▸ **Data items**
Content starts
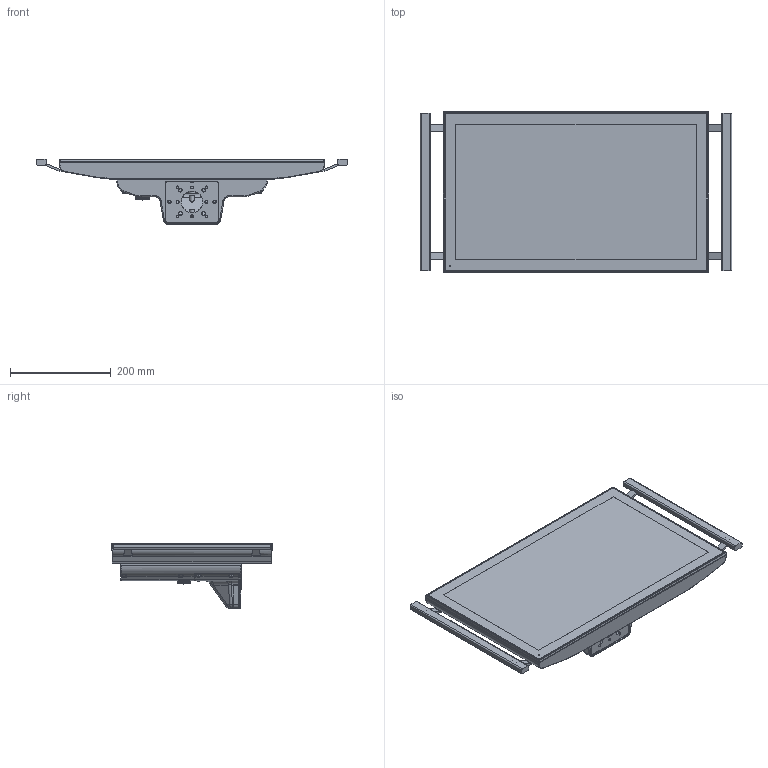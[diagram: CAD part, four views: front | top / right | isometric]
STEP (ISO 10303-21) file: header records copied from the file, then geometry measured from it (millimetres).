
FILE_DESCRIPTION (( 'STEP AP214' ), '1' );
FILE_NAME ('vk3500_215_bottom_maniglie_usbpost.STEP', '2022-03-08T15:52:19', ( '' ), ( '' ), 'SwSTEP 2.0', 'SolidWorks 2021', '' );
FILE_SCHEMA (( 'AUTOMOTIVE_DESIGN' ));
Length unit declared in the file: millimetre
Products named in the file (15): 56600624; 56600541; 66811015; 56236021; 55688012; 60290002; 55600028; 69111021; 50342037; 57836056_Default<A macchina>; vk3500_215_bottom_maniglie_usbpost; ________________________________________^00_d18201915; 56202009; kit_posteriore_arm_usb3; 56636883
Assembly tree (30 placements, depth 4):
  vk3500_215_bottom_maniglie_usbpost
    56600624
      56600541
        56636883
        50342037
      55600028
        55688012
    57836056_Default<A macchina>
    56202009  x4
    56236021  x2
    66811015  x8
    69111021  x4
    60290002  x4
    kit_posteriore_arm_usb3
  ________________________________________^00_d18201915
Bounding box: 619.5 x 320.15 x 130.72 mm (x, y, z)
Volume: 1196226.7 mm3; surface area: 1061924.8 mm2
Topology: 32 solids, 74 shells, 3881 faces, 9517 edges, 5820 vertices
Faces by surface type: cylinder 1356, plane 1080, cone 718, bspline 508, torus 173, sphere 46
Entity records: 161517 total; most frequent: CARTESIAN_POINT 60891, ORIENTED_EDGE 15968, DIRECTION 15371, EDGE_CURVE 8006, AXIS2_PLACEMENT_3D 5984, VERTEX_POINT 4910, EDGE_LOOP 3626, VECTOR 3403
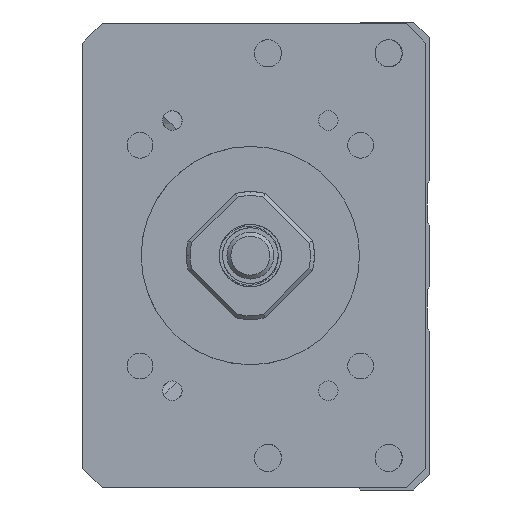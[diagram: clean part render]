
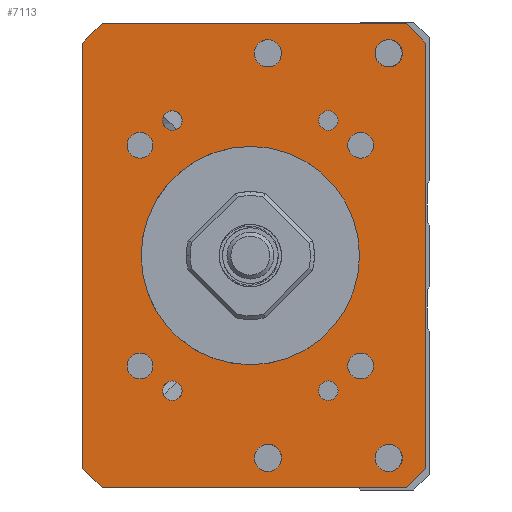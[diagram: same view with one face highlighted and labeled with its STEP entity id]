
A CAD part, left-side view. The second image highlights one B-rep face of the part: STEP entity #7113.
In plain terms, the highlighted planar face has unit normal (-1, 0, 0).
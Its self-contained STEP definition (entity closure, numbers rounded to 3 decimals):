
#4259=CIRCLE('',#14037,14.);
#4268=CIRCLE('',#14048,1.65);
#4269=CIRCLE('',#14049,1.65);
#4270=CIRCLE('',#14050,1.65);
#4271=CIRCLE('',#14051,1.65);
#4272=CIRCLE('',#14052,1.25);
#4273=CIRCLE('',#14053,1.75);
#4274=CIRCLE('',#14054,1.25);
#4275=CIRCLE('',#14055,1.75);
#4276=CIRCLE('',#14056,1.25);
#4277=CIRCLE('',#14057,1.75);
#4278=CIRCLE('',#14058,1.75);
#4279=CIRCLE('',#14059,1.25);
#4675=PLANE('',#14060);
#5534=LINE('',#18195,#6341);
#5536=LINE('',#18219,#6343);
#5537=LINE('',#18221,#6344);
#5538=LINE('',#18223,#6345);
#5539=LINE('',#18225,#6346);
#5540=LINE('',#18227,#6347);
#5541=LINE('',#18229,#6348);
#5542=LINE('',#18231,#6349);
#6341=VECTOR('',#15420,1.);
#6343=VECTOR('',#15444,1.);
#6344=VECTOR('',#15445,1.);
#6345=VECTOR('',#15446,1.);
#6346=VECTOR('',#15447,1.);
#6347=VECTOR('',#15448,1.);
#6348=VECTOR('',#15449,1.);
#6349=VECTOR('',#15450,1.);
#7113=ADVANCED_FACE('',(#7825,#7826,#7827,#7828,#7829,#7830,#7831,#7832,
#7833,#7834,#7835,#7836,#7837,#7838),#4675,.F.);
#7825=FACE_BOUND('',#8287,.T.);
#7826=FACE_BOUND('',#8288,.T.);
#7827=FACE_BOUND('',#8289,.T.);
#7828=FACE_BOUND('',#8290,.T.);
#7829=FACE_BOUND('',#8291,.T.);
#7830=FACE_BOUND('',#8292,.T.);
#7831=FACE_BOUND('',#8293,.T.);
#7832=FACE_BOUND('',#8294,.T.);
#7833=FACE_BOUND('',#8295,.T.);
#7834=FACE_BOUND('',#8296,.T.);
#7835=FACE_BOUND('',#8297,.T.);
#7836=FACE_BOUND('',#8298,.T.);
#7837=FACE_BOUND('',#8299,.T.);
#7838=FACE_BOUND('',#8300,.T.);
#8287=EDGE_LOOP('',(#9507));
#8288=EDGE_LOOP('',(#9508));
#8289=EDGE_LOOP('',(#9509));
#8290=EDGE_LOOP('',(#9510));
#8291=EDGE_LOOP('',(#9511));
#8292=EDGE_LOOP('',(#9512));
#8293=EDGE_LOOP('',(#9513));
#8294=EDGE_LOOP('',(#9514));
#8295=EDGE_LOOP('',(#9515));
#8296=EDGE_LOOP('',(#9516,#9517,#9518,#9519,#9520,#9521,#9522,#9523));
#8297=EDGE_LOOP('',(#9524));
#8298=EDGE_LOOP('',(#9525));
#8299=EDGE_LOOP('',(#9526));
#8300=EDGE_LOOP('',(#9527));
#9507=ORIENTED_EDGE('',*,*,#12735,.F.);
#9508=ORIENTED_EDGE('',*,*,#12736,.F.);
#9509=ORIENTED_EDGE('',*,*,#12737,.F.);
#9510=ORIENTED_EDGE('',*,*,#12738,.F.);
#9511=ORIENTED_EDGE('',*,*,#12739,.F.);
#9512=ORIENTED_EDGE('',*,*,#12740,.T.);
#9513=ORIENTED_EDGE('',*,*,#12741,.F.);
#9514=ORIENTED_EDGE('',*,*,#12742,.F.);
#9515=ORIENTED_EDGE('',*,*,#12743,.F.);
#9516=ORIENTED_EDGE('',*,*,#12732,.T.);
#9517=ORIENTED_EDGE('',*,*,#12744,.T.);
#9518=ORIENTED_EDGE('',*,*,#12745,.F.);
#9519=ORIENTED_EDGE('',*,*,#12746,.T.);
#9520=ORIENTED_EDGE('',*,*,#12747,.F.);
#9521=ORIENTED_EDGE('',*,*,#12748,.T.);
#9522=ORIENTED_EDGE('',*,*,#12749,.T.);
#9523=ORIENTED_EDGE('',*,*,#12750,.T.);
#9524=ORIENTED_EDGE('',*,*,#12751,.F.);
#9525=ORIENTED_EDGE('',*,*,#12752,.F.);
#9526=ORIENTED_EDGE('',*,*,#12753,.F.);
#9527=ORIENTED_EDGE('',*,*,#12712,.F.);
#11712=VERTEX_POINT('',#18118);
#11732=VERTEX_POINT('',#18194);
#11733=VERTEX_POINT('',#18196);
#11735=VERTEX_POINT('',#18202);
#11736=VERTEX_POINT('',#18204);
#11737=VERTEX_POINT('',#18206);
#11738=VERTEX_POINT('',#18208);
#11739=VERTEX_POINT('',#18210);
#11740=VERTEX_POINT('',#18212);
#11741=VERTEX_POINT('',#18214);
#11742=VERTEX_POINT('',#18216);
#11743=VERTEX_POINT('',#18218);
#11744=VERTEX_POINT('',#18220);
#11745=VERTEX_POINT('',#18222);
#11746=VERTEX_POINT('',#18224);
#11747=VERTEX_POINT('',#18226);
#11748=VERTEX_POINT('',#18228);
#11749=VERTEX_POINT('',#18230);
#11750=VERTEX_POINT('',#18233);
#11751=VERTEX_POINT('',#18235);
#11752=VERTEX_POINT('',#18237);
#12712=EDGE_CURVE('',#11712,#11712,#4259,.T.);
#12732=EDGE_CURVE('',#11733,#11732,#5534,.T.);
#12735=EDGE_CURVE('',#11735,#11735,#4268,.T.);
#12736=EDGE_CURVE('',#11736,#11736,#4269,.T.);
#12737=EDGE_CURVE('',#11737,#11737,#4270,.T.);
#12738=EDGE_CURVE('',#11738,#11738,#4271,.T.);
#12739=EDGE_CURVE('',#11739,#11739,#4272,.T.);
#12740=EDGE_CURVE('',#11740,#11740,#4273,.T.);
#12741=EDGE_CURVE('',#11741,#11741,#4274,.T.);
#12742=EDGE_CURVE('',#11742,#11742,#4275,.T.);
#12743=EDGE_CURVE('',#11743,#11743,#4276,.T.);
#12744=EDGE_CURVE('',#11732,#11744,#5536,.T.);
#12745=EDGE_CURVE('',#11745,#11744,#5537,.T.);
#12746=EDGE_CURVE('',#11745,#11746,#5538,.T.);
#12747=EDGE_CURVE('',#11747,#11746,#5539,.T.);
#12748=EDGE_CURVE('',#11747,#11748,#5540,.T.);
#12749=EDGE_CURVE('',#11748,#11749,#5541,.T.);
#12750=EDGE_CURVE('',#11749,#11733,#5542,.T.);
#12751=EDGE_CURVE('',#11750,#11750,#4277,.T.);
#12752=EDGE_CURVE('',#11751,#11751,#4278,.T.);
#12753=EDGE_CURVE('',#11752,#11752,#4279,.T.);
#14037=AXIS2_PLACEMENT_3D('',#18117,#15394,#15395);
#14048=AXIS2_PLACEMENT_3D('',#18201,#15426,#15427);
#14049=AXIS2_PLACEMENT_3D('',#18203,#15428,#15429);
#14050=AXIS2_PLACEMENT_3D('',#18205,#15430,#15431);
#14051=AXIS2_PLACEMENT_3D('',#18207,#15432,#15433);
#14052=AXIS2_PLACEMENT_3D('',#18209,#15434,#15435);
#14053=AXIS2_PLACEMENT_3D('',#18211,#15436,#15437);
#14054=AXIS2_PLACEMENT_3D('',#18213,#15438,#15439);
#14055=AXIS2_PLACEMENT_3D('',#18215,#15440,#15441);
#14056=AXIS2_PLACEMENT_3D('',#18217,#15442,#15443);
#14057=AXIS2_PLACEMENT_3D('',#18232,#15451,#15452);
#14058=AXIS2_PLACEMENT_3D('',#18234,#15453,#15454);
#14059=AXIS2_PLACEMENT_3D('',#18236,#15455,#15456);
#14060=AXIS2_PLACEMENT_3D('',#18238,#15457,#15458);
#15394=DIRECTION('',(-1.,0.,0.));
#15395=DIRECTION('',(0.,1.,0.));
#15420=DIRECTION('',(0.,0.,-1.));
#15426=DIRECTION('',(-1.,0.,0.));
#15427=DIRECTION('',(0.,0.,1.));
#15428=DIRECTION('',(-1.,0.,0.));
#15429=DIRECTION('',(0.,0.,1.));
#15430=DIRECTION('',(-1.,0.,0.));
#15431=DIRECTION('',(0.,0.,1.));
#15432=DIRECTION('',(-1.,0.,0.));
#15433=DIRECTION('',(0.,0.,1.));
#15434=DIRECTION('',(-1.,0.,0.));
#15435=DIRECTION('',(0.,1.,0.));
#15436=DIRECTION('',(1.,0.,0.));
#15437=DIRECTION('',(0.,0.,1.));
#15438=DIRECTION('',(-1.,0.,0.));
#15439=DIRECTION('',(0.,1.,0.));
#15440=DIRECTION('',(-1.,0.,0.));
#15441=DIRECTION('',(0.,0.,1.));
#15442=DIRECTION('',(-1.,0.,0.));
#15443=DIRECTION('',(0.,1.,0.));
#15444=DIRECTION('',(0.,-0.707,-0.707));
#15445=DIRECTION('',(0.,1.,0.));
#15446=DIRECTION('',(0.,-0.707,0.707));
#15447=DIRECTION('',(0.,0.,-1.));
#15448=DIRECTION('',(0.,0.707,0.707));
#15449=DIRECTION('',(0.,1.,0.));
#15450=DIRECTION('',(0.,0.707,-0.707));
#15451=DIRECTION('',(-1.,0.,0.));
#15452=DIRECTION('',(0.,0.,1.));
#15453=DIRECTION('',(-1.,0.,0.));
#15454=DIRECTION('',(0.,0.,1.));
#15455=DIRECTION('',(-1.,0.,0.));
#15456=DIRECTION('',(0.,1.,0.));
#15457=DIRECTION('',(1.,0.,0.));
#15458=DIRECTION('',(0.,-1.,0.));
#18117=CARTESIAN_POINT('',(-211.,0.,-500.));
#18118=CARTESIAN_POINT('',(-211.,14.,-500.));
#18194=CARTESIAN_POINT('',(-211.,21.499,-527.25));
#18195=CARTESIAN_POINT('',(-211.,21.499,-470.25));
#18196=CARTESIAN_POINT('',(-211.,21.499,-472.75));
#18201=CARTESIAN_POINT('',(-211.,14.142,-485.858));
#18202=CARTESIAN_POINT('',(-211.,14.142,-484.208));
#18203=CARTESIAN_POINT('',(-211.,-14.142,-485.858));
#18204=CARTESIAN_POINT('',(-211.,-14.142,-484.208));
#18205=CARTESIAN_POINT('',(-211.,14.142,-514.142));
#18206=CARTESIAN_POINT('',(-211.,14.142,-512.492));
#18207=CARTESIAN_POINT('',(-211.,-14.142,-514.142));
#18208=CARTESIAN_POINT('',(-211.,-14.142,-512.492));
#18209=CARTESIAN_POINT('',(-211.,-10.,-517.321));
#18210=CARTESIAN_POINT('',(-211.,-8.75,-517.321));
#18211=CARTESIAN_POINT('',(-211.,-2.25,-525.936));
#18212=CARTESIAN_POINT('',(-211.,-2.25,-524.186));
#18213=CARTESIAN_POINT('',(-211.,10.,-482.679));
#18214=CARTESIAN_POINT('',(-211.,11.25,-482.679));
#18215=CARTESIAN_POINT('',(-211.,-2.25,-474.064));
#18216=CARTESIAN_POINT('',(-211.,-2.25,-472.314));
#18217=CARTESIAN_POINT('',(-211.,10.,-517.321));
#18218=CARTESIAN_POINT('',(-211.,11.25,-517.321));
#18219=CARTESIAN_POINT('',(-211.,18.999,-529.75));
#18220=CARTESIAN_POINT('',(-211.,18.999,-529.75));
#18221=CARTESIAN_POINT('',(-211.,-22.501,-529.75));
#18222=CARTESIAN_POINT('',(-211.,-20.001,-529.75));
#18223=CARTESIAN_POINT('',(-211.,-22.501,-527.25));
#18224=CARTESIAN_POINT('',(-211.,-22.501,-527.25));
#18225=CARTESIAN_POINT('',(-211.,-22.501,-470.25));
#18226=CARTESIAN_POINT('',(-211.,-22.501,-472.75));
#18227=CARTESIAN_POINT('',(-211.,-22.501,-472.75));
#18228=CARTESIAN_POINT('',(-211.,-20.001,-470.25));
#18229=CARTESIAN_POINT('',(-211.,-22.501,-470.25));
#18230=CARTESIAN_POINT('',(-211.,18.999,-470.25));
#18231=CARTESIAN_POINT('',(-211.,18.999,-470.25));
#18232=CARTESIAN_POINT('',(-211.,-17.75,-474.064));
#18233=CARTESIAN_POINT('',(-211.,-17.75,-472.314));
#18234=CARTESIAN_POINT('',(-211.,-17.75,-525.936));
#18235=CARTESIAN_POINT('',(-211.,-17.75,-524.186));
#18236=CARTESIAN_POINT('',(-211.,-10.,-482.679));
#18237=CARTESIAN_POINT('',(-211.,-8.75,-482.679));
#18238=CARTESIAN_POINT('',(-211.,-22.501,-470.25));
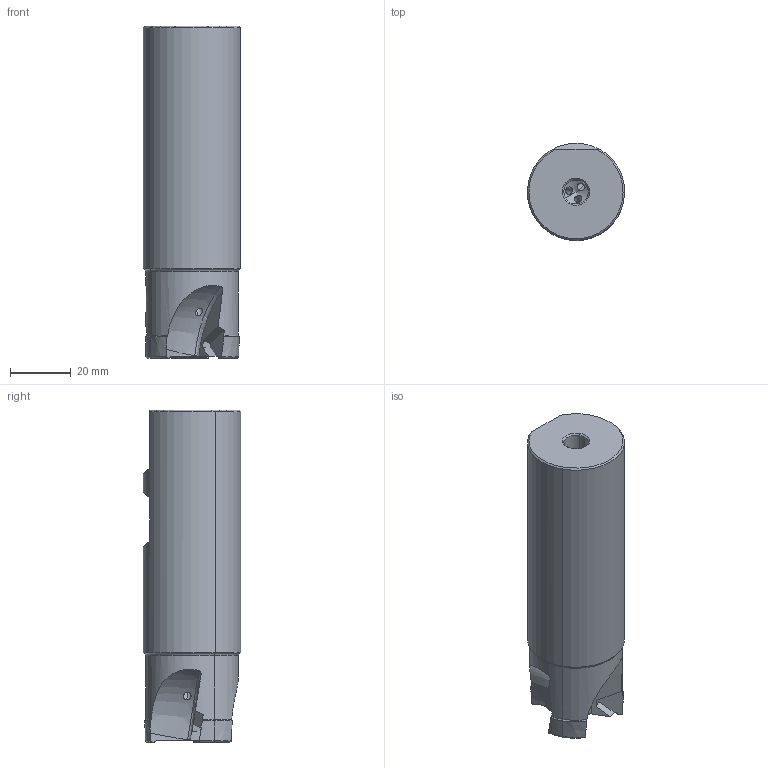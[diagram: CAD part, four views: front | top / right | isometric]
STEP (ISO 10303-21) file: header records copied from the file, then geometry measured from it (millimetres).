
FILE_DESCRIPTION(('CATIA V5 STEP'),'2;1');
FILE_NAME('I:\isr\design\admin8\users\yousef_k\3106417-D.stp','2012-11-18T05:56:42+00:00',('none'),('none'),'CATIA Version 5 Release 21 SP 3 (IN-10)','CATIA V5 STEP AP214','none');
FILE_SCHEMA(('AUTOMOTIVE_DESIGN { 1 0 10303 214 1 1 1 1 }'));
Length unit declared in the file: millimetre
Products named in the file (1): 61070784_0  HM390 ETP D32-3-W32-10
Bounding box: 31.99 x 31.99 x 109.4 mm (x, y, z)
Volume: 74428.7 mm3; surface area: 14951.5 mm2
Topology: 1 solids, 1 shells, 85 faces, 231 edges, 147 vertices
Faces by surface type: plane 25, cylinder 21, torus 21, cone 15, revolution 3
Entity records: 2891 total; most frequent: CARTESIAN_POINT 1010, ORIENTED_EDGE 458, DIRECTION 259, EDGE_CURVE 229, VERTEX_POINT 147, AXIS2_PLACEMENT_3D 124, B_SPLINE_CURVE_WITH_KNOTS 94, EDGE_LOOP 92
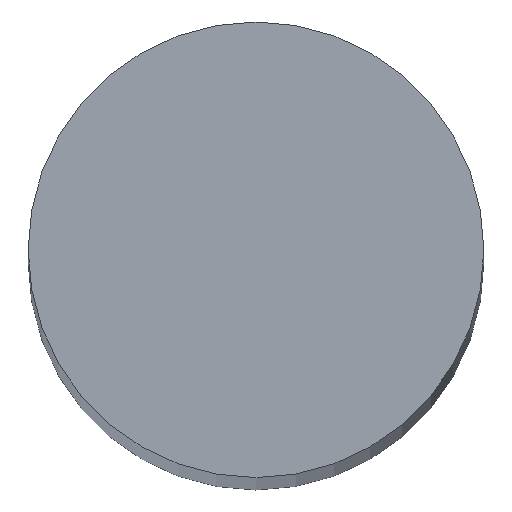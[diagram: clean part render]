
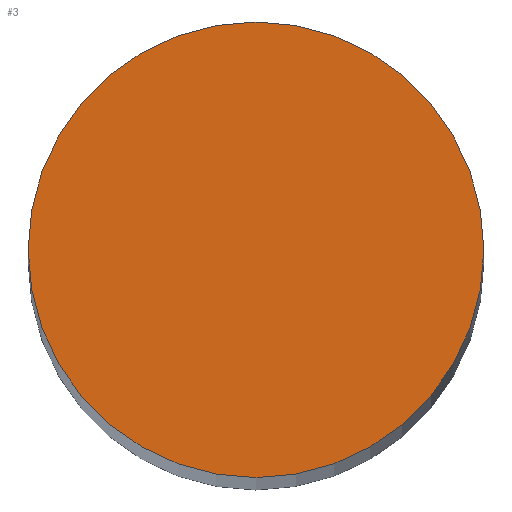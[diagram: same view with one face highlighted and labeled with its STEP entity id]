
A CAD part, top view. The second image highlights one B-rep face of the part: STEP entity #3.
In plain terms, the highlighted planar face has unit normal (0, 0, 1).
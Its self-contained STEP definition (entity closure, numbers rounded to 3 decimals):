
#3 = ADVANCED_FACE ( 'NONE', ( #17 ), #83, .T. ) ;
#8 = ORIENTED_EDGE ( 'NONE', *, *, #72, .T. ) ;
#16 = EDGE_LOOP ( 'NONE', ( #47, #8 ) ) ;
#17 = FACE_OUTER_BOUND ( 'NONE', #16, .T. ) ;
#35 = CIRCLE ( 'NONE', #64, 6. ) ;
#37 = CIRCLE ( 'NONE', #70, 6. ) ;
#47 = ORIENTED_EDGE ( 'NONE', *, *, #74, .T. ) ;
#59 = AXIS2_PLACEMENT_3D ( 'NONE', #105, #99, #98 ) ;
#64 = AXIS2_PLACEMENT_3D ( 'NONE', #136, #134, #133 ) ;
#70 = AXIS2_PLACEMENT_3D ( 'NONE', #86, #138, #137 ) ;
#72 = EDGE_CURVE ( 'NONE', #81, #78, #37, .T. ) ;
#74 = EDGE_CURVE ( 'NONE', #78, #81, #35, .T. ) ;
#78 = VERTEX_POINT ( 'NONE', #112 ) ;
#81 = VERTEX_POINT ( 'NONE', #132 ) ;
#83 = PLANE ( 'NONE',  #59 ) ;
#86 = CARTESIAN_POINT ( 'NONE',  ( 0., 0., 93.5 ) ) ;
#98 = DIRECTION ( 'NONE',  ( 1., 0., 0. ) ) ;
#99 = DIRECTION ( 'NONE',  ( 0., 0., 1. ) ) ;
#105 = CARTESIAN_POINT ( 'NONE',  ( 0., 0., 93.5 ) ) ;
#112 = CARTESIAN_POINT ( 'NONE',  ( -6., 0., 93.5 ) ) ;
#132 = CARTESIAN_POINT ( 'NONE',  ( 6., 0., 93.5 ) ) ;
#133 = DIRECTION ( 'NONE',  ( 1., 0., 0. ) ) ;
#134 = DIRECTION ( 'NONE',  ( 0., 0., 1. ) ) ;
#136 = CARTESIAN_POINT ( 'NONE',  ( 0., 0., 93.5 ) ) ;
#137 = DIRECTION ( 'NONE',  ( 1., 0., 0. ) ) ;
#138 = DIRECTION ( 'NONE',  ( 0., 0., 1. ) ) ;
Content ends
▸ **Task requirements**
Look above for the line with "2.0', 'SolidWorks 2021', '' );" and the line with "Faces by surface type: cylinder". Write out those two lines and all the lines between them, exactly, and no others.

▸ **Exercise response**
FILE_NAME ('vk3500_215_bottom_maniglie_usbpost.STEP', '2022-03-08T15:52:19', ( '' ), ( '' ), 'SwSTEP 2.0', 'SolidWorks 2021', '' );
FILE_SCHEMA (( 'AUTOMOTIVE_DESIGN' ));
Length unit declared in the file: millimetre
Products named in the file (15): 56600624; 56600541; 66811015; 56236021; 55688012; 60290002; 55600028; 69111021; 50342037; 57836056_Default<A macchina>; vk3500_215_bottom_maniglie_usbpost; ________________________________________^00_d18201915; 56202009; kit_posteriore_arm_usb3; 56636883
Assembly tree (30 placements, depth 4):
  vk3500_215_bottom_maniglie_usbpost
    56600624
      56600541
        56636883
        50342037
      55600028
        55688012
    57836056_Default<A macchina>
    56202009  x4
    56236021  x2
    66811015  x8
    69111021  x4
    60290002  x4
    kit_posteriore_arm_usb3
  ________________________________________^00_d18201915
Bounding box: 619.5 x 320.15 x 130.72 mm (x, y, z)
Volume: 1196226.7 mm3; surface area: 1061924.8 mm2
Topology: 32 solids, 74 shells, 3881 faces, 9517 edges, 5820 vertices
Faces by surface type: cylinder 1356, plane 1080, cone 718, bspline 508, torus 173, sphere 46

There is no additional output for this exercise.